BIHUB PATH

February 18, 2020

Football
Nutrition
Analysis and Sports Technology

HOW TO IMPROVE DATA AND DECISION-MAKING USING STATISTICAL ANALYSIS IN FOOTBALL

The tech revolution has modified our behaviour and now it is also revolutionizing sports. More and more tools are capable of collecting a great amount of data, which can help us make better decisions on the pitch. That is why it is interesting to capture all this data because it can help win matches. Although a great effort is done to improve the collection of data for real-time information, we still lack a good accurate interpretation of this information to help improve the coaches decisions.

 

This limitation may be related to statistical data analysis. Typically, sports scientists have focused their reports and propositions on the P-value application, where value is significant “yes or no”. However, it seems that statistical models that allow informing quantitatively as well as qualitatively about the possible changes for a variable to be real can be much more useful.

 

In a recent article, Martin Buchheit1 suggests researchers should abandon the conventional null hypothesis significance testing (NHST) and complement it with magnitude-based inferences (MBI) for different reasons:

  • P-values and, at the same time, the research findings, depending on the size of the sample (with a greater n, a smaller P-value), regardless of the size of the effect.2 Thus, as long as it is possible to conclude, for example, that a nutritional supplement is not efficient with a sample of 12 players (P>0,05), the same comparison makes the treatment become useful with n=14 (P>0,05).3 In other words, having two subjects more or less in the sample causes a complete change in the final results. All this is especially relevant when team sports are being studied, where the quantity of players analyzed is always relatively low. Teams provide 12, 16 or 25 players depending on the sport analyzed.
  • Statistical significance doesn’t report the magnitude of the effects, which is precisely what matters most.4 With a sufficient size of the sample, even the smallest effects (very small), trivial (trivial) or non-practical (non-practical) might become significant (P<0,05). For example, with 200 players an improvement of 0.01% in the performance, NHST would suggest the efficiency of the nutritional supplement although the improvement it generates is irrelevant. However, it is likely that coaches and players choose to know how much this supplement allows them to improve their performance.
  • MBI allows researchers to be honest with the size of the sample and it better recognizes the trivial effects.
  • The magnitude exam per se helps provide better research questions. Taking into account that the effect of the size induces to a response that goes beyond a yes or a no (NHST), a typical hypothesis that doesn’t have a clear rationale (x application improves performance) might be replaced by more relevant and specific statements (x application improves performance in such percentage).
  • MBI is suitable for available calculation sheets which can be found for free on the Internet5.
  • MBI allows a better graphic representation and visualization of the data.

 

 

As a conclusion, a better data interpretation and communication to coaches about the findings through reports or charts can be complemented by adding the MBI to the conventional NSHT. Keep in mind that it is about quantifying better each time the effect of an exercise or treatment on players performance, and helping coaches make better decision to enhance the chances to win.

 

 

Carlos Lago Peñas

 

References:

1 Buchheit, M. (2016). 2016, 11, 551 – 554 3 4 Title: The numbers will love you back in return – I promise, International Journal of Sports Physiology and Performance, 11, 551-554.

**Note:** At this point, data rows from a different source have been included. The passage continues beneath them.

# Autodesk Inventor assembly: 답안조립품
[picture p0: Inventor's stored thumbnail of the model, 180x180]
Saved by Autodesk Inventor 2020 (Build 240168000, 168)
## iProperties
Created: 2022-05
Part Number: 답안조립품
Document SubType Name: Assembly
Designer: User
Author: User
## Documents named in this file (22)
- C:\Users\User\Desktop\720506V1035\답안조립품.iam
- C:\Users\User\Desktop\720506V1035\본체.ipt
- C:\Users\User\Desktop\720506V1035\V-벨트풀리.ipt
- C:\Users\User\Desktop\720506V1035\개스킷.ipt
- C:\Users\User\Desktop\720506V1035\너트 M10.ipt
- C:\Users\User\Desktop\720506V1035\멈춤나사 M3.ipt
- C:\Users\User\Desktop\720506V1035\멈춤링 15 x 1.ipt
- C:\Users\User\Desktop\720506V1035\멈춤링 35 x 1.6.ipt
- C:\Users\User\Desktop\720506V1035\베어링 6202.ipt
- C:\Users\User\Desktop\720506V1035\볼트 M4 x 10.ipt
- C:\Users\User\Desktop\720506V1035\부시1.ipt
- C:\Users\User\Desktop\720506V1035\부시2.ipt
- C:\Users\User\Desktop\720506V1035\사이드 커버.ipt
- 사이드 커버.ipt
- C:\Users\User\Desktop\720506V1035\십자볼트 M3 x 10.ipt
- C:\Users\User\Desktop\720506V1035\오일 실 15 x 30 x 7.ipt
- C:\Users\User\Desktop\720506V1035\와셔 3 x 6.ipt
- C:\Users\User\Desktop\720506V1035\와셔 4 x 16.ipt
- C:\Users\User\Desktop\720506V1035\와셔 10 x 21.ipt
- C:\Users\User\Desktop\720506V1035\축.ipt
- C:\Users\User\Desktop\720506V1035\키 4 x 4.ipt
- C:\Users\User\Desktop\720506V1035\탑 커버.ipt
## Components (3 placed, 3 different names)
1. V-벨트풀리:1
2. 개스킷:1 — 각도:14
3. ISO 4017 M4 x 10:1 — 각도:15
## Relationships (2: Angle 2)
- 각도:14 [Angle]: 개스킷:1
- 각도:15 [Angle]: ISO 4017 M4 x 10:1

2 Hopkins, W.G. y A.M. Batterham (2016), Error Rates, Decisive Outcomes and Publication Bias with 200 Several Inferential Methods. Sports Medicine, 46(10): 1563-1573.

3 McCormack, J., B. Vandermeer, and G.M. Allan. (2013). How confidence intervals become confusion intervals. BMC Medical Research Methodology, 13:134.

4 Cohen, J (1994). Things I have learned (so far). American Psychologist, 45:1304-1312.